§ GIVEN DATA

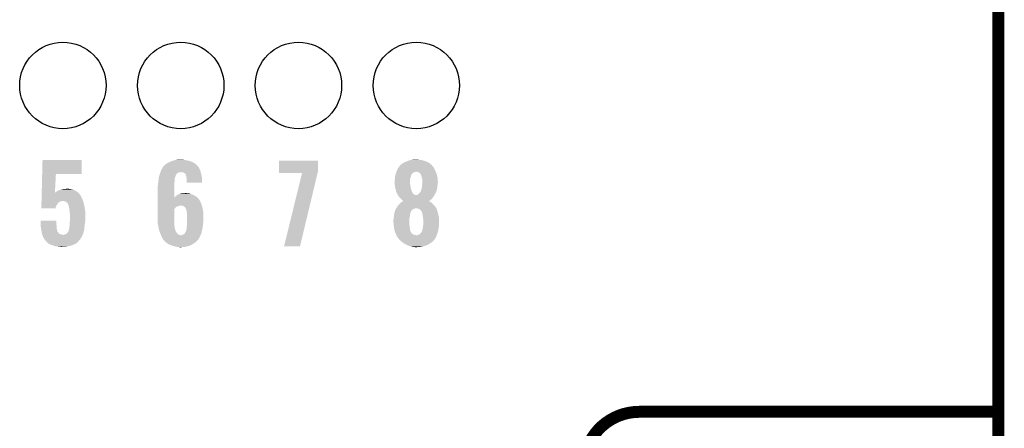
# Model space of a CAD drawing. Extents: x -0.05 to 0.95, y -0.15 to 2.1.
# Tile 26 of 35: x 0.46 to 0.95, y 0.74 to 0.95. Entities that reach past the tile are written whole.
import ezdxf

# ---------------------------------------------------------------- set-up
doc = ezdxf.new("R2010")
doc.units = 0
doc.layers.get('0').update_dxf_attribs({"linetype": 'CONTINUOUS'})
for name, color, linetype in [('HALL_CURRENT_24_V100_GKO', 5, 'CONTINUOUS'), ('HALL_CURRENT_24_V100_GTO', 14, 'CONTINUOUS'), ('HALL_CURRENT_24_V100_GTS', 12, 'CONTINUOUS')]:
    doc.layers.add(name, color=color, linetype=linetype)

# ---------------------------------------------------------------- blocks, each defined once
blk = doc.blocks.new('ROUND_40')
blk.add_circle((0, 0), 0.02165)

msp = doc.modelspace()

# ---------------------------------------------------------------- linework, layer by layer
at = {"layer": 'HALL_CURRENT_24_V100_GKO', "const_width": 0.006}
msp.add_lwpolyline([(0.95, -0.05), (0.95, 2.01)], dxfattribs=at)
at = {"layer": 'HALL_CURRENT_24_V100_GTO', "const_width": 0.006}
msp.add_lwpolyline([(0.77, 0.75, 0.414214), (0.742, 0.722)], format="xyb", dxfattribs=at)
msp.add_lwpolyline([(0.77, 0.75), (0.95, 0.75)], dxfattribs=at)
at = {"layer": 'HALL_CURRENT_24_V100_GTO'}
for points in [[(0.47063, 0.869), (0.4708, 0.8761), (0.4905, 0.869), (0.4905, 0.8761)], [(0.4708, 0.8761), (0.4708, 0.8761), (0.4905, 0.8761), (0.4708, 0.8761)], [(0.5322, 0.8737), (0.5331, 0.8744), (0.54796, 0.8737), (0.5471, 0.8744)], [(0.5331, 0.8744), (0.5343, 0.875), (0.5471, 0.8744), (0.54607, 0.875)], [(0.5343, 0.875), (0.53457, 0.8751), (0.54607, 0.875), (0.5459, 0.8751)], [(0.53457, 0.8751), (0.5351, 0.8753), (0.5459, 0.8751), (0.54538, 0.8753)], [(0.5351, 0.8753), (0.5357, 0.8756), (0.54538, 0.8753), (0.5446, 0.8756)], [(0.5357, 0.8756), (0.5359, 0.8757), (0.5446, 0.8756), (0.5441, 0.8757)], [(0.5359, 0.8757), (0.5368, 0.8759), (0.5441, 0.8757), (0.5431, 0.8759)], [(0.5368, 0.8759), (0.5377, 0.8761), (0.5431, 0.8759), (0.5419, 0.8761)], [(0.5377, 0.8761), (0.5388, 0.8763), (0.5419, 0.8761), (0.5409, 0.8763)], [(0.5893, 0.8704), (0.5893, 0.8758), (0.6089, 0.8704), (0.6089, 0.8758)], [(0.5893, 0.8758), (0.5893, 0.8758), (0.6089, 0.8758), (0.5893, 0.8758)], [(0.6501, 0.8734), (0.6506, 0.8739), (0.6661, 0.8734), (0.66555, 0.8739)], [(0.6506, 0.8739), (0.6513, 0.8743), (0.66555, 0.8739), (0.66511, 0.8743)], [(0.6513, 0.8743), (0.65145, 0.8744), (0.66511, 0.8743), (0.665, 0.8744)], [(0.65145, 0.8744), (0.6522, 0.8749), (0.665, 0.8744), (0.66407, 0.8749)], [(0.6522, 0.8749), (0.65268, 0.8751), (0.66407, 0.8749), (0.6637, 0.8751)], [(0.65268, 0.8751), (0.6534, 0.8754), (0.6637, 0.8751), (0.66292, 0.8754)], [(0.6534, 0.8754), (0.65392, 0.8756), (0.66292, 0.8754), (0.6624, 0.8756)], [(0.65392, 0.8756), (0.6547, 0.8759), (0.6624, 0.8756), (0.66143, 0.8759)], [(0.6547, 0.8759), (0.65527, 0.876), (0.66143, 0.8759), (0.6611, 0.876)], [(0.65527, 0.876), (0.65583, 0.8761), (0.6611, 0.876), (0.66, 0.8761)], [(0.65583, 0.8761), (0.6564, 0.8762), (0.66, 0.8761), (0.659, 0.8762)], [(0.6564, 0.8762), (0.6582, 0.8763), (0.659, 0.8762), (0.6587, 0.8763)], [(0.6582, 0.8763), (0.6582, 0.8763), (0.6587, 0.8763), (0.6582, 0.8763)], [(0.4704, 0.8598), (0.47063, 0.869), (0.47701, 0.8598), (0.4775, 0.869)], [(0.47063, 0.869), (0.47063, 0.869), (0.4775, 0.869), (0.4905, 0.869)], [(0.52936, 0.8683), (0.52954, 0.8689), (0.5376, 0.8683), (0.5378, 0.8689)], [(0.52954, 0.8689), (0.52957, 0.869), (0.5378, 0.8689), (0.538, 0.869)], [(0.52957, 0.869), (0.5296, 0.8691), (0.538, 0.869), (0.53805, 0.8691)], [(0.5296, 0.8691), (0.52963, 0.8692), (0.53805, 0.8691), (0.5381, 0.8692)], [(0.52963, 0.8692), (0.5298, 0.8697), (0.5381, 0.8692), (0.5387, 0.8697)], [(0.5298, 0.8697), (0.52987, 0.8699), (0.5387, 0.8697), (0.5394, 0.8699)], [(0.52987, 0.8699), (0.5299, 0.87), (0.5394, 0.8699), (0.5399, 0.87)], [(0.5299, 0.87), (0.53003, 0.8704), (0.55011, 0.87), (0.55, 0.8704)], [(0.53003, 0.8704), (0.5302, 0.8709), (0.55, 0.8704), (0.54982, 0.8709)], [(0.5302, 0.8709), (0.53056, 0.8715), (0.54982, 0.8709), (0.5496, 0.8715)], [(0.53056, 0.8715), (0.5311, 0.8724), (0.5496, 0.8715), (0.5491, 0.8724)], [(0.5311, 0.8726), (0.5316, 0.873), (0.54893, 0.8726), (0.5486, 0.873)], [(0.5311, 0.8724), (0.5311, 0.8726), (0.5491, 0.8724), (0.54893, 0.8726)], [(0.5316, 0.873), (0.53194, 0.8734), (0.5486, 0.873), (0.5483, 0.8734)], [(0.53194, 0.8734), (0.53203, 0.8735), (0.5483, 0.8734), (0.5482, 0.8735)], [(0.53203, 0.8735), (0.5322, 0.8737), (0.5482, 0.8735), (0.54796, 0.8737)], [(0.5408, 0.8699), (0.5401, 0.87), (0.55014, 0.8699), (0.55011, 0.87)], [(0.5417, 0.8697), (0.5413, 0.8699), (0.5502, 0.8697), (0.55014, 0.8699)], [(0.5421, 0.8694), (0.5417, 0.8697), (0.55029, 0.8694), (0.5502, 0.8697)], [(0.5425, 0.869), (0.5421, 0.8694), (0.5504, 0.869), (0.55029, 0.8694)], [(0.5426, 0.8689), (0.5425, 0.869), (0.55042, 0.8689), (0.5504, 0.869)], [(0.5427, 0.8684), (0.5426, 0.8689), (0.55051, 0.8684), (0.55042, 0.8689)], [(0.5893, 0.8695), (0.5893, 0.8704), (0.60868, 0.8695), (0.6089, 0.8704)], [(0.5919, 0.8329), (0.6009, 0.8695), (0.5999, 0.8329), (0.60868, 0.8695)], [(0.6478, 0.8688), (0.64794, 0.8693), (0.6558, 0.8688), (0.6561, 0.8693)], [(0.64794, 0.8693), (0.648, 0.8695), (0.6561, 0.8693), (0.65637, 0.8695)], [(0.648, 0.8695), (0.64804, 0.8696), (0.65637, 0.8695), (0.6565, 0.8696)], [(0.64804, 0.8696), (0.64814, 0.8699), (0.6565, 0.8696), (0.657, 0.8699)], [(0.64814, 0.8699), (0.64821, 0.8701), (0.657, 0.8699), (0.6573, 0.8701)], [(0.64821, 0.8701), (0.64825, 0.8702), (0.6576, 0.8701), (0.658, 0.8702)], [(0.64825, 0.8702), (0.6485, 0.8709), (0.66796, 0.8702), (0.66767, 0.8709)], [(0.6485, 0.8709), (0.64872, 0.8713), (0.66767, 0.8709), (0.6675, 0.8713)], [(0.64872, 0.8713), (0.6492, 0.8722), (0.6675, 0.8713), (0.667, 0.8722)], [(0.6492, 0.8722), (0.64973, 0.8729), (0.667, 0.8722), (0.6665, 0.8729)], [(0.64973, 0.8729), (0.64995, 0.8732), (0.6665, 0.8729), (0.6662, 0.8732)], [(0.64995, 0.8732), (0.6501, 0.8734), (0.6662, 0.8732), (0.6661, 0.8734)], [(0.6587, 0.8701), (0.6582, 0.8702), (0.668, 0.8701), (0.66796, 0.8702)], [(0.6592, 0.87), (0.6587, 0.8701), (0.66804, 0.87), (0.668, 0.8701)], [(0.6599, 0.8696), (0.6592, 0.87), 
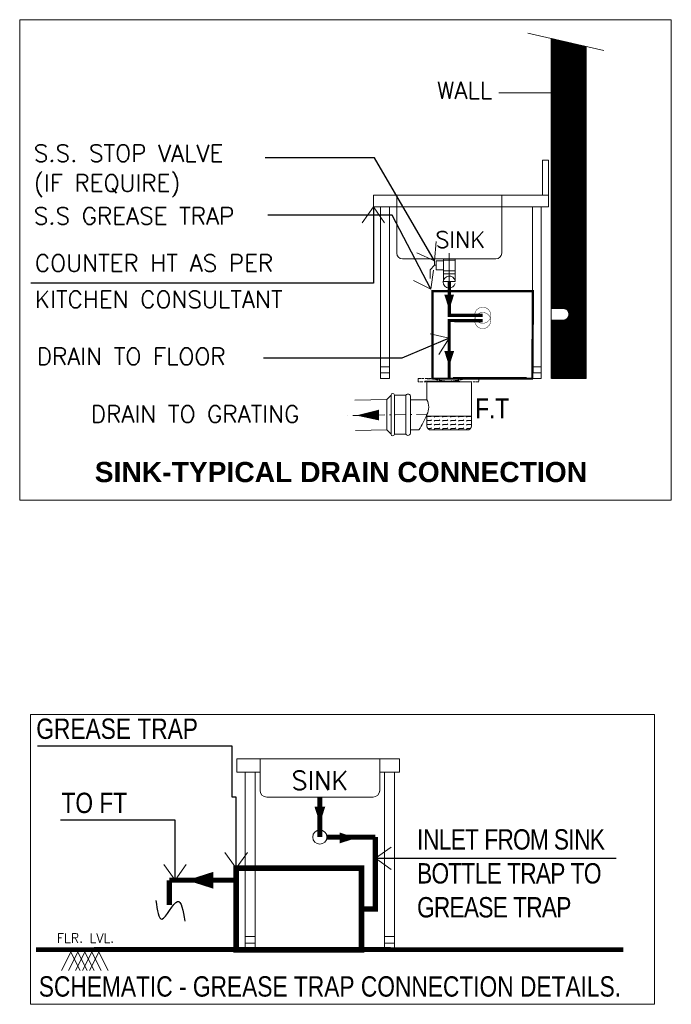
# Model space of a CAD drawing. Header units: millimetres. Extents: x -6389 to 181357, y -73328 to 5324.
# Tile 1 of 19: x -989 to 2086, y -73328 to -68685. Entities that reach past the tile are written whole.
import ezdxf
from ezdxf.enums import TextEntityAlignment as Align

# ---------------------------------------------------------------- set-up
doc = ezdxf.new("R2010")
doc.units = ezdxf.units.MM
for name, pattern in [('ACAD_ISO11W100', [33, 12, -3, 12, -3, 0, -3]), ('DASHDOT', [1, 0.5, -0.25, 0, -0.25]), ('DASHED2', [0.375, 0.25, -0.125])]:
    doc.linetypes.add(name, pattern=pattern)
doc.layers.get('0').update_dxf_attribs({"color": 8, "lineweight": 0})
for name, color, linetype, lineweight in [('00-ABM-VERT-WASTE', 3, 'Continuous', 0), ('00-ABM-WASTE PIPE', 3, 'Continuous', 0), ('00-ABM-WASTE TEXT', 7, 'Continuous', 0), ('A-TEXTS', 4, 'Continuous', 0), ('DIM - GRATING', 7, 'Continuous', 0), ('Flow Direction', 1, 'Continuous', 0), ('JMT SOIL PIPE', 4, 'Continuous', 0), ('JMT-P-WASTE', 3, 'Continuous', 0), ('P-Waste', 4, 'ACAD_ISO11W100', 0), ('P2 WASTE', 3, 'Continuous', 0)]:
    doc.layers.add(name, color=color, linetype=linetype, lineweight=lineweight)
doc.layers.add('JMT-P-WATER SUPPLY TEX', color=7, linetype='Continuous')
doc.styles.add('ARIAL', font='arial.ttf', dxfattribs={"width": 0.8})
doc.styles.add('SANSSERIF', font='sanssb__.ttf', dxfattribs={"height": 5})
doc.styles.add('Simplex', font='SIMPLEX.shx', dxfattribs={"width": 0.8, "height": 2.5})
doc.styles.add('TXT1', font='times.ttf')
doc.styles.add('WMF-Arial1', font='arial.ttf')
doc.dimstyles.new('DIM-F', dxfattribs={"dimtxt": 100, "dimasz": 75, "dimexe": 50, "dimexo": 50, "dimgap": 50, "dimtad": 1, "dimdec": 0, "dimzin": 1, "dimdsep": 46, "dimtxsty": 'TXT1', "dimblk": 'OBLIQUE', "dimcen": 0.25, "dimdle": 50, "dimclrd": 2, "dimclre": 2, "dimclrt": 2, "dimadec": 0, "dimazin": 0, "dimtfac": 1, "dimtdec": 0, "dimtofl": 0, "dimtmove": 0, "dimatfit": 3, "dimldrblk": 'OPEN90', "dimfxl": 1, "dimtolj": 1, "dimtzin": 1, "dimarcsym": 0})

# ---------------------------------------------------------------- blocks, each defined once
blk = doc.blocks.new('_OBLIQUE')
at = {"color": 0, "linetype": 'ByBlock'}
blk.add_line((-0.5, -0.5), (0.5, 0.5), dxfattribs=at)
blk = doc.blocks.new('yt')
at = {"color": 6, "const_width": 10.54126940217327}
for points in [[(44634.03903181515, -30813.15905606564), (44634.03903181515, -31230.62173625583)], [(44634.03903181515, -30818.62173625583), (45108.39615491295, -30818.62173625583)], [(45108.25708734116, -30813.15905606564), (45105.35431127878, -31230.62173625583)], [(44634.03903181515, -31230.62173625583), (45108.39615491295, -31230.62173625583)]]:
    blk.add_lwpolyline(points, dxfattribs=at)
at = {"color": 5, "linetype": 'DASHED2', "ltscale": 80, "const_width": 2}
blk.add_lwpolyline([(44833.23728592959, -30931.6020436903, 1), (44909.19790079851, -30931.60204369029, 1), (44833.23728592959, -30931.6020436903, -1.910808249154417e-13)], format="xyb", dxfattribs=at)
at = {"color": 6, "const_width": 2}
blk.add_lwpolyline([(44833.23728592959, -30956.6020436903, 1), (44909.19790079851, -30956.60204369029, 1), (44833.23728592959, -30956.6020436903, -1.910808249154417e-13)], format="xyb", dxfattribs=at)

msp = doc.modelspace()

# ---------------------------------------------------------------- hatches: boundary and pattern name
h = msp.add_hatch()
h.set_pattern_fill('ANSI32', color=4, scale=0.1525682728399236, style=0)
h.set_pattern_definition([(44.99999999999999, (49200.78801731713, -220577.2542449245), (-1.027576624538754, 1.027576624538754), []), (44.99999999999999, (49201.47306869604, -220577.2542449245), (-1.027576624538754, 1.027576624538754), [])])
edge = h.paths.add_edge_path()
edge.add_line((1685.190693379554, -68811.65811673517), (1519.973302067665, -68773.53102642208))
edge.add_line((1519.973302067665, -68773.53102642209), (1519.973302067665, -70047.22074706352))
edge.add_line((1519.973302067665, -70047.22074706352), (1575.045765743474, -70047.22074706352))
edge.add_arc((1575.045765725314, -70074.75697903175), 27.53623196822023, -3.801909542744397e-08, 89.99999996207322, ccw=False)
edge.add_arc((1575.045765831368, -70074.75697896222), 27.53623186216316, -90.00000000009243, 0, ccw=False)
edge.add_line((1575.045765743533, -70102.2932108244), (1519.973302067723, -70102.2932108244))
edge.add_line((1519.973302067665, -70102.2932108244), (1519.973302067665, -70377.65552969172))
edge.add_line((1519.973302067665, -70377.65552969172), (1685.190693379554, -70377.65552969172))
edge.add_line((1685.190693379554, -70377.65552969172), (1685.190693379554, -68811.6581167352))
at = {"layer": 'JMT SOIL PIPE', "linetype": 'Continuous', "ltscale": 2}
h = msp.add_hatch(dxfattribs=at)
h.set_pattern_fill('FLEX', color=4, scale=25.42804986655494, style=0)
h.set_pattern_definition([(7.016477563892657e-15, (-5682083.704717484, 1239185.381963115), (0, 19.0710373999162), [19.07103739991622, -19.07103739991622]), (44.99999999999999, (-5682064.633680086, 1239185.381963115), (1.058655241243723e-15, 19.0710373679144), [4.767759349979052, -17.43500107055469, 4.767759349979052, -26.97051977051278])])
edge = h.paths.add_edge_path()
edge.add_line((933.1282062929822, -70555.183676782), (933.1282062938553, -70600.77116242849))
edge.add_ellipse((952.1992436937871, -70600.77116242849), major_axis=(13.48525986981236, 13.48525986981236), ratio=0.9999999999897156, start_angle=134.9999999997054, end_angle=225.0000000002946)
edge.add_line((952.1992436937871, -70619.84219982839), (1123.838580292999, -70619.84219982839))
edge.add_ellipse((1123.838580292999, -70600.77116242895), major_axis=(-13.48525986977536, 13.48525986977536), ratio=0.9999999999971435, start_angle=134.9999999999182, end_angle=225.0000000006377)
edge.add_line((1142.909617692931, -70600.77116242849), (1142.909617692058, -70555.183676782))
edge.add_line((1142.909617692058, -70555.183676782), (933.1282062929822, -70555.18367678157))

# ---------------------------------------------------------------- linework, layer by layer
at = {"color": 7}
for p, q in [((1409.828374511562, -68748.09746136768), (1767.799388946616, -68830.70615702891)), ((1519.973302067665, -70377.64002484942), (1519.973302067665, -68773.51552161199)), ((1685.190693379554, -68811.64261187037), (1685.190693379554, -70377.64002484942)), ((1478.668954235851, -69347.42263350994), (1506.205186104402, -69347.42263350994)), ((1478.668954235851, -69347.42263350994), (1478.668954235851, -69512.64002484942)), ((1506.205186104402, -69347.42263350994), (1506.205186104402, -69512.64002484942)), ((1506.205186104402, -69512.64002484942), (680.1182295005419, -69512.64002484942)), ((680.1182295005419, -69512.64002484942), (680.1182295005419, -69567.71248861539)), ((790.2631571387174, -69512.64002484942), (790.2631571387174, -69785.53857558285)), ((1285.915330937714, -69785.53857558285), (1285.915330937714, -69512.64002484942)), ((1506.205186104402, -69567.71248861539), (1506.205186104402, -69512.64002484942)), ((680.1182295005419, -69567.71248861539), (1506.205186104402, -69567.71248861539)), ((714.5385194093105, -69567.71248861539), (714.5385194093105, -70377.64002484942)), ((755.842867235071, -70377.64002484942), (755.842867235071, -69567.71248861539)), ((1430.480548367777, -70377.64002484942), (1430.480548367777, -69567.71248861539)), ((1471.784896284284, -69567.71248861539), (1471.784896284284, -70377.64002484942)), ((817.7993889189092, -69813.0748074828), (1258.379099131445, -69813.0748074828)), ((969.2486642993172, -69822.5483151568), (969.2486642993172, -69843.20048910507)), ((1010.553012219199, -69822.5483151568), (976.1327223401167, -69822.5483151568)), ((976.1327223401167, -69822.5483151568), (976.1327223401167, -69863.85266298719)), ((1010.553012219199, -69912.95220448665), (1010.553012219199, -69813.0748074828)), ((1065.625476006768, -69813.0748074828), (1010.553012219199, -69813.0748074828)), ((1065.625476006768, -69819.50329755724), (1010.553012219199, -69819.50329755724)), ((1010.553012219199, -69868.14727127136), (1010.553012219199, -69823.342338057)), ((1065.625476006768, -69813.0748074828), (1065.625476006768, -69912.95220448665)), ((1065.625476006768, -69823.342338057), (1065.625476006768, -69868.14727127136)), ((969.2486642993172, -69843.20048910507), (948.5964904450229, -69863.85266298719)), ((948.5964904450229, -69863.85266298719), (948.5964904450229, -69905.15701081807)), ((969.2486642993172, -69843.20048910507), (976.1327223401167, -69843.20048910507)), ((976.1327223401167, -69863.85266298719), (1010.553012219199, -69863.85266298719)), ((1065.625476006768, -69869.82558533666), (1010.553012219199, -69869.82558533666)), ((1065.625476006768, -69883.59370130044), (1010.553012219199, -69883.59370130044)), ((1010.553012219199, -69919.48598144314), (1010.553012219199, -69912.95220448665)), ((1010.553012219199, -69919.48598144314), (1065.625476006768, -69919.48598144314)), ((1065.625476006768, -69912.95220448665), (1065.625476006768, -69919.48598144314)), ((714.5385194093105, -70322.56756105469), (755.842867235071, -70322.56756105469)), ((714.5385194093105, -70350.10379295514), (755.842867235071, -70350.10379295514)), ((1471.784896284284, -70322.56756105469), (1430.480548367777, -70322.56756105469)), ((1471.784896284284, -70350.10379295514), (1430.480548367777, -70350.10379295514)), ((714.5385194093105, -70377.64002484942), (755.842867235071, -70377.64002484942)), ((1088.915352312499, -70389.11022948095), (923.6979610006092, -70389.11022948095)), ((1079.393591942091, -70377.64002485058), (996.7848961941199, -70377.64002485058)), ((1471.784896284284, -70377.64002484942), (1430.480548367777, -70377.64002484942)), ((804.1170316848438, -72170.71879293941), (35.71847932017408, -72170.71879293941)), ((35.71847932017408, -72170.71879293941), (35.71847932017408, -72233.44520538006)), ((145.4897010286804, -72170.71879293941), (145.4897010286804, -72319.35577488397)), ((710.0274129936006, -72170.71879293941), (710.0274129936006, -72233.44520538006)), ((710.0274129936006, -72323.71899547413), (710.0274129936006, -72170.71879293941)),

§ WHAT TO DO
Return all lines from the data above with "font" in them.

§ ANSWER SPACE
doc.styles.add('ARIAL', font='arial.ttf', dxfattribs={"width": 0.8})
doc.styles.add('SANSSERIF', font='sanssb__.ttf', dxfattribs={"height": 5})
doc.styles.add('Simplex', font='SIMPLEX.shx', dxfattribs={"width": 0.8, "height": 2.5})
doc.styles.add('TXT1', font='times.ttf')
doc.styles.add('WMF-Arial1', font='arial.ttf')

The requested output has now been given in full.